**What is needed:** Report how many lines in the data include the string "ASSEMBLY", and add nothing else.

**Data provided:**

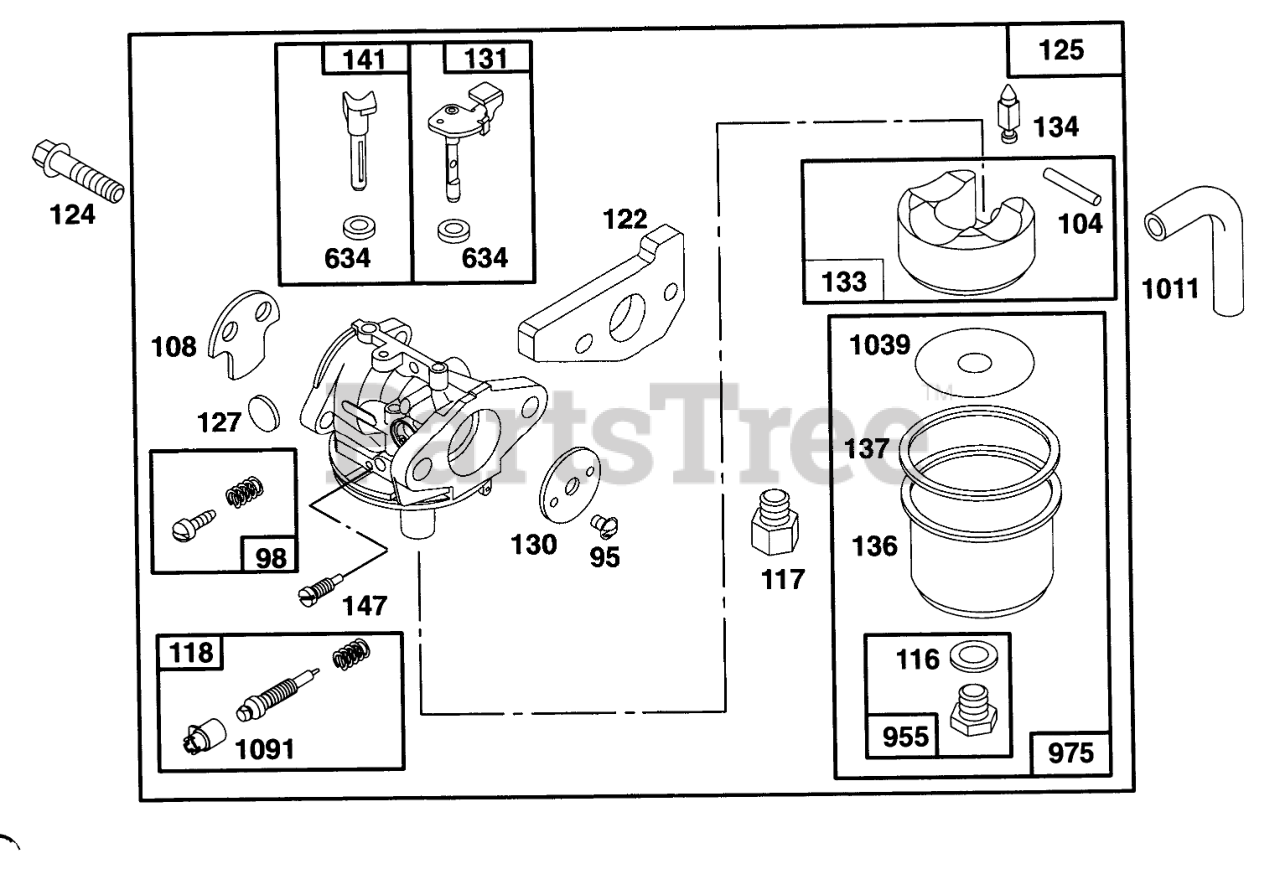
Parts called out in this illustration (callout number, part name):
95	SCREW - ROUND HEAD
98	IDLE ADJUSTING SCREW
104	FLOAT HINGE PIN
108	VALVE - CHOKE
116	SEALING GASKET
117	Jet-Main
118	VALVE/SPRING - NEEDLE
122	ADAPTER ASSEMBLY
124	HEX HEAD SCREW
125	ASSEMBLY - CARBURETOR
127	PLUG - WELCH
130	THROTTLE VALVE
131	THROTTLE SHAFT
133	FLOAT-CARBURETOR
134	Valve-Inlet (Includes Seat)
136	FLOAT BOWL
137	FLOAT BOWL GASKET
141	CHOKE SHAFT
147	JET - PILOT
634	SEAL WASHER
955	HEX HEAD SCREW
975	CARBURETOR BOWL ASM
1011	VENT TUBE
1039	FLOAT LIMITER
1091	CAP - LIMITER

**Response to this task:** 2